**WHAT TO DO**.
The lines to copy from the listing below are those that contain the string "WIDE".
====================
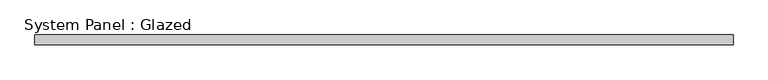
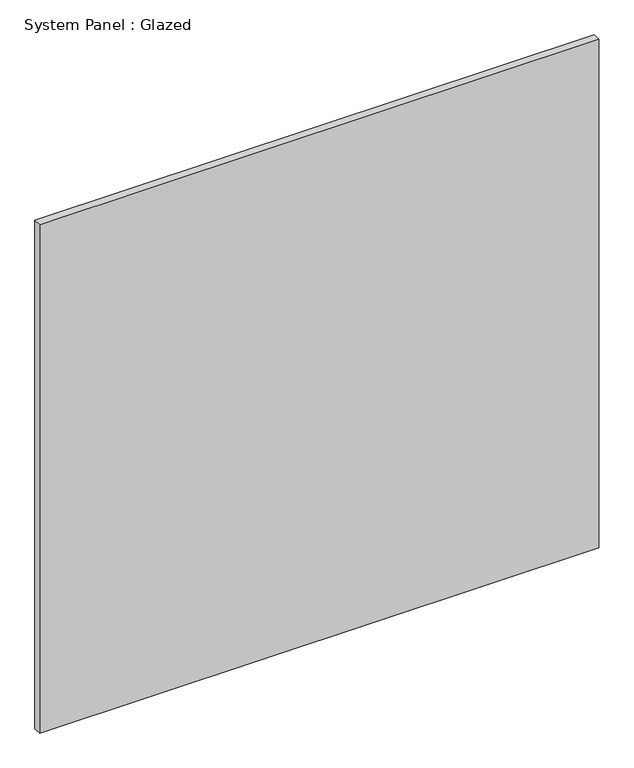
"""IFC4 building model written with IfcOpenShell, lengths in millimetres: plate geometry, System Panel : Glazed."""

from ifc_helpers import new_model, si_unit, origin, origin_with_axes, place, context, project, spatial, polyline, outline, extrude, source, transform, mapped, element, save


def system_panel_glazed_6f098d11(model_context):
    return source(origin(), model_context, "Body", "SweptSolid", [
        extrude(outline(polyline([(877.5000002, 24.5), (-877.5000002, 24.5), (-877.5000002, 49.5), (877.5000002, 49.5), (877.5000002, 24.5)])), origin_with_axes(), (0.0, 0.0, 1.0), 1686.2355347),
    ])


if __name__ == "__main__":
    model = new_model("IFC4")
    model_context = context("Model", 3, world=origin())
    ifc_project = project(units=[si_unit("LENGTHUNIT", "METRE", prefix="MILLI")], contexts=[model_context])
    site = spatial("IfcSite", under=ifc_project)
    building = spatial("IfcBuilding", under=site)
    placement = place(None, origin())
    system_panel_glazed_shape = system_panel_glazed_6f098d11(model_context)
    element("IfcPlate", 1, ObjectType="System Panel : Glazed", at=placement, inside=building, context=model_context, shape_type="MappedRepresentation", body=[
        mapped(system_panel_glazed_shape, transform((0.0, 0.0, 0.0), x_axis=(1.0, 0.0, 0.0), y_axis=(0.0, 1.0, 0.0), z_axis=(0.0, 0.0, 1.0))),
    ])
    save(model, "model.ifc")

# Revit data of these elements
# Element 1 (IfcPlate, "System Panel : Glazed")
#   Materials on its faces: "Glass"
# Materials
#   "Glass": class "Glass", colour RGB 218 227 224, transparency 0.85, Description = "Soda Lime Glass", Cost = 0
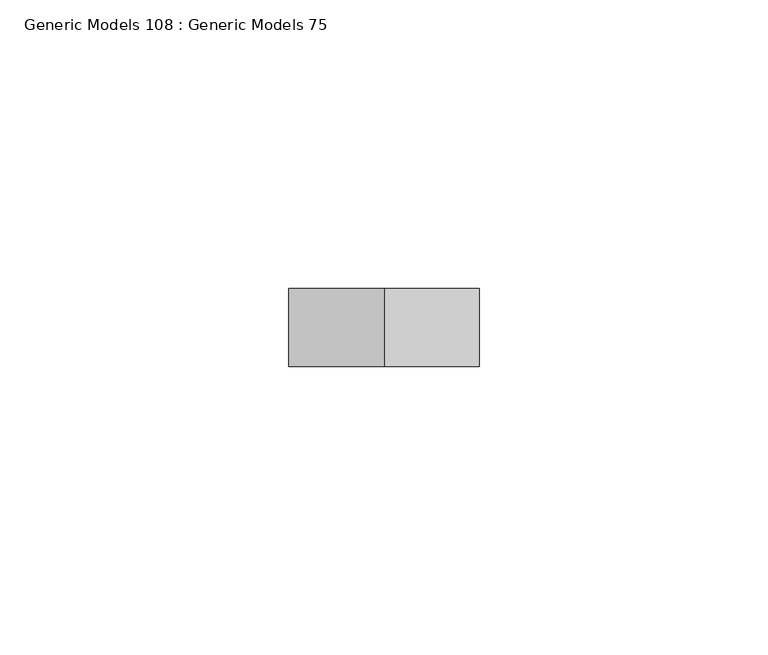
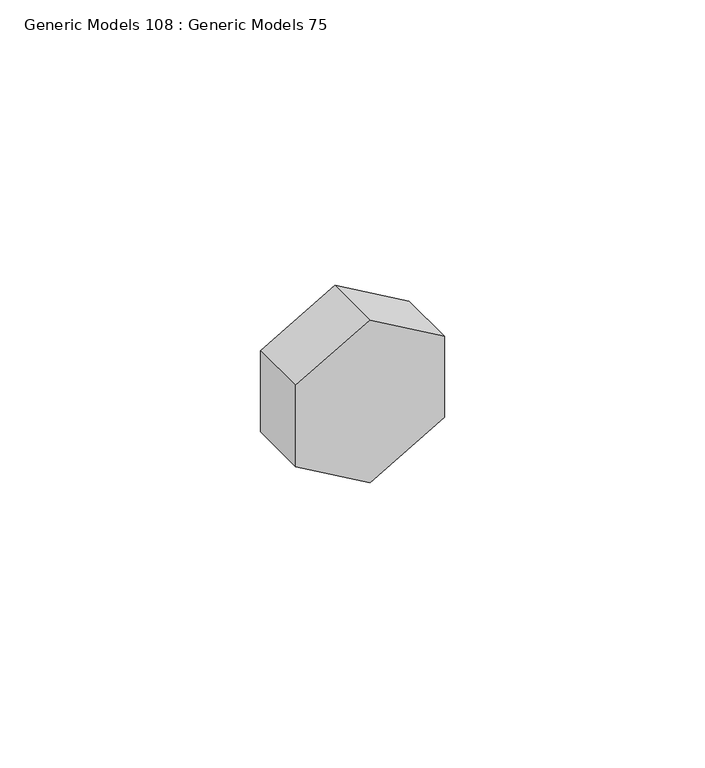
"""IFC4 building model written with IfcOpenShell, lengths in millimetres: proxy geometry, Generic Models 108 : Generic Models 75."""

from ifc_helpers import new_model, si_unit, frame, origin, place, context, project, spatial, polyline, outline, extrude, source, transform, mapped, element, save


def generic_models_108_generic_models_75_49776081(model_context):
    return source(origin(), model_context, "Body", "SweptSolid", [
        extrude(outline(polyline([(268485.9375, 31991.9073871), (268504.9875, 31991.9073871), (268514.5125, 31975.4096032), (268504.9875, 31958.9118192), (268485.9375, 31958.9118192), (268476.4125, 31975.4096032), (268485.9375, 31991.9073871)])), frame((0.0, 30858.4781612, 0.0), z_axis=(0.0, 1.0, 0.0), x_axis=(0.0, 0.0, 1.0)), (0.0, 0.0, 1.0), 13.49375),
    ])


if __name__ == "__main__":
    model = new_model("IFC4")
    model_context = context("Model", 3, world=origin())
    ifc_project = project(units=[si_unit("LENGTHUNIT", "METRE", prefix="MILLI")], contexts=[model_context])
    site = spatial("IfcSite", under=ifc_project)
    building = spatial("IfcBuilding", under=site)
    placement = place(None, origin())
    generic_models_108_generic_models_75_shape = generic_models_108_generic_models_75_49776081(model_context)
    element("IfcBuildingElementProxy", 1, Name="Generic Models 108 : Generic Models 75", ObjectType="Generic Models 108 : Generic Models 75", at=placement, inside=building, context=model_context, shape_type="MappedRepresentation", body=[
        mapped(generic_models_108_generic_models_75_shape, transform((0.0, 0.0, 0.0), x_axis=(1.0, 0.0, 0.0), y_axis=(0.0, 1.0, 0.0), z_axis=(0.0, 0.0, 1.0))),
    ])
    save(model, "model.ifc")
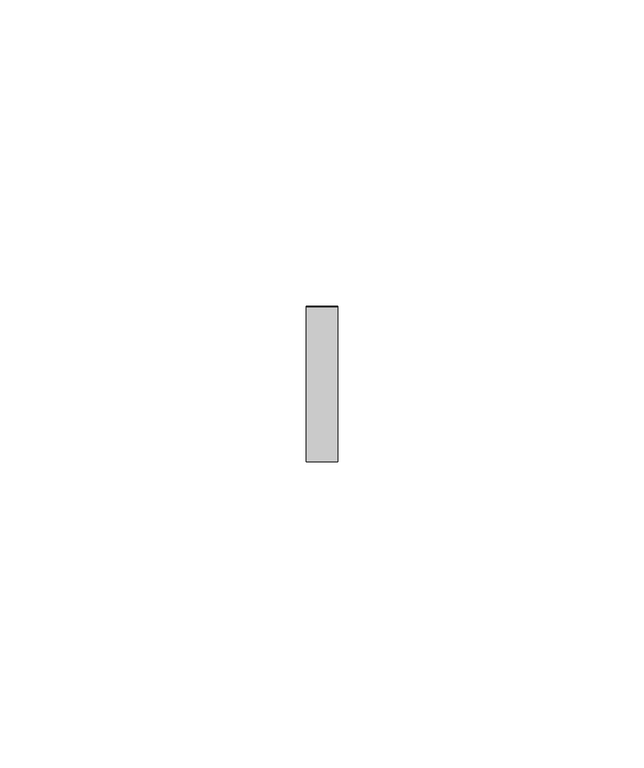
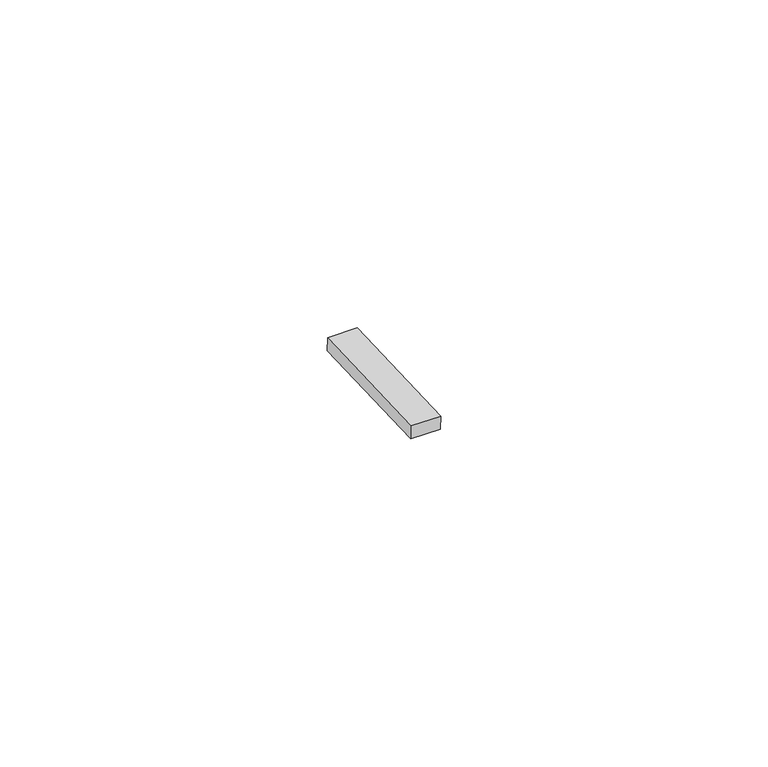
"""IFC4 building model written with IfcOpenShell, lengths in millimetres: proxy geometry, Inner panel:Inner panel:1:Inner panel:1 : Inner panel:Inner panel:300324:2:Inner panel:1:Inner panel:1 : Inner panel:Inner panel:300324:2 : Inner panel:Inner panel:1:Inner panel:1 : Inner panel:Inner panel:300324:300043:112 : Inner panel:Inner panel:1:Inner panel:1 : Inner panel:Inner panel:300324:2:Inner panel:1:Inner panel:1 : Inner panel:Inner panel:300324:2 : Inner panel:Inner panel:1:Inner panel:1 : Inner panel:Inner panel:300324:300043:308120."""

from ifc_helpers import new_model, si_unit, frame, origin, place, context, project, spatial, polyline, outline, extrude, source, transform, mapped, element, save


def generic_models_f19137aa(model_context):
    return source(origin(), model_context, "Body", "SweptSolid", [
        extrude(outline(polyline([(0.0, -25.3999999), (0.0, 0.0), (5.2138089, 0.0), (5.2138089, -25.3999999), (0.0, -25.3999999)])), frame((593936.595117, -578962.7476805, 3951.4793391), z_axis=(0.0, -0.041630544712223896, 0.9991330730923502), x_axis=(-1.0, 0.0, 0.0)), (0.0, 0.0, 1.0), 2.4763745),
    ])


if __name__ == "__main__":
    model = new_model("IFC4")
    model_context = context("Model", 3, world=origin())
    ifc_project = project(units=[si_unit("LENGTHUNIT", "METRE", prefix="MILLI")], contexts=[model_context])
    site = spatial("IfcSite", under=ifc_project)
    building = spatial("IfcBuilding", under=site)
    placement = place(None, origin())
    generic_models_shape = generic_models_f19137aa(model_context)
    element("IfcBuildingElementProxy", 1, Name="Inner panel:Inner panel:1:Inner panel:1 : Inner panel:Inner panel:300324:2:Inner panel:1:Inner panel:1 : Inner panel:Inner panel:300324:2 : Inner panel:Inner panel:1:Inner panel:1 : Inner panel:Inner panel:300324:300043:112 : Inner panel:Inner panel:1:Inner panel:1 : Inner panel:Inner panel:300324:2:Inner panel:1:Inner panel:1 : Inner panel:Inner panel:300324:2 : Inner panel:Inner panel:1:Inner panel:1 : Inner panel:Inner panel:300324:300043:308120", ObjectType="Inner panel:Inner panel:1:Inner panel:1 : Inner panel:Inner panel:300324:2:Inner panel:1:Inner panel:1 : Inner panel:Inner panel:300324:2 : Inner panel:Inner panel:1:Inner panel:1 : Inner panel:Inner panel:300324:300043:112 : Inner panel:Inner panel:1:Inner panel:1 : Inner panel:Inner panel:300324:2:Inner panel:1:Inner panel:1 : Inner panel:Inner panel:300324:2 : Inner panel:Inner panel:1:Inner panel:1 : Inner panel:Inner panel:300324:300043:308120", at=placement, inside=building, context=model_context, shape_type="MappedRepresentation", body=[
        mapped(generic_models_shape, transform((0.0, 0.0, 0.0), x_axis=(1.0, 0.0, 0.0), y_axis=(0.0, 1.0, 0.0), z_axis=(0.0, 0.0, 1.0))),
    ])
    save(model, "model.ifc")

# Revit data of these elements
# Type "Inner panel:Inner panel:1:Inner panel:1 : Inner panel:Inner panel:300324:2:Inner panel:1:Inner panel:1 : Inner panel:Inner panel:300324:2 : Inner panel:Inner panel:1:Inner panel:1 : Inner panel:Inner panel:300324:300043:112 : Inner panel:Inner panel:1:Inner panel:1 : Inner panel:Inner panel:300324:2:Inner panel:1:Inner panel:1 : Inner panel:Inner panel:300324:2 : Inner panel:Inner panel:1:Inner panel:1 : Inner panel:Inner panel:300324:300043:308120"
#   NameOverride = "Inner panel:Inner panel:1:Inner panel:1 : Inner panel:Inner panel:300324:2:Inner panel:1:Inner panel:1 : Inner panel:Inner panel:300324:2 : Inner panel:Inner panel:1:Inner panel:1 : Inner panel:Inner panel:300324:300043:308120"
#   ObjectTypeOverride = "Inner panel:1:Inner panel:1 : Inner panel:Inner panel:300324:2 : Inner panel:Inner panel:1:Inner panel:1 : Inner panel:Inner panel:300324:300043"
#   Reference = "Inner panel"
#   Tag = "308120"
# Element 1 (IfcBuildingElementProxy, "Inner panel:Inner panel:1:Inner panel:1 : Inner panel:Inner panel:300324:2:Inner panel:1:Inner panel:1 : Inner panel:Inner panel:300324:2 : Inner panel:Inner panel:1:Inner panel:1 : Inner panel:Inner panel:300324:300043:112 : Inner panel:Inner panel:1:Inner panel:1 : Inner panel:Inner panel:300324:2:Inner panel:1:Inner panel:1 : Inner panel:Inner panel:300324:2 : Inner panel:Inner panel:1:Inner panel:1 : Inner panel:Inner panel:300324:300043:308120")
#   Materials on its faces: "AT CLIP - 1\" WIDE NON ABSORBENT, WEATHER-RESISTANT NEOPRENE/EPDM/SBR FOAM"
# Materials
#   "AT CLIP - 1\" WIDE NON ABSORBENT, WEATHER-RESISTANT NEOPRENE/EPDM/SBR FOAM": class "Generic", colour RGB 85 85 85, transparency 0, Cost = 0
====================
**RESPONSE TO THIS TASK**.
#   Materials on its faces: "AT CLIP - 1\" WIDE NON ABSORBENT, WEATHER-RESISTANT NEOPRENE/EPDM/SBR FOAM"
#   "AT CLIP - 1\" WIDE NON ABSORBENT, WEATHER-RESISTANT NEOPRENE/EPDM/SBR FOAM": class "Generic", colour RGB 85 85 85, transparency 0, Cost = 0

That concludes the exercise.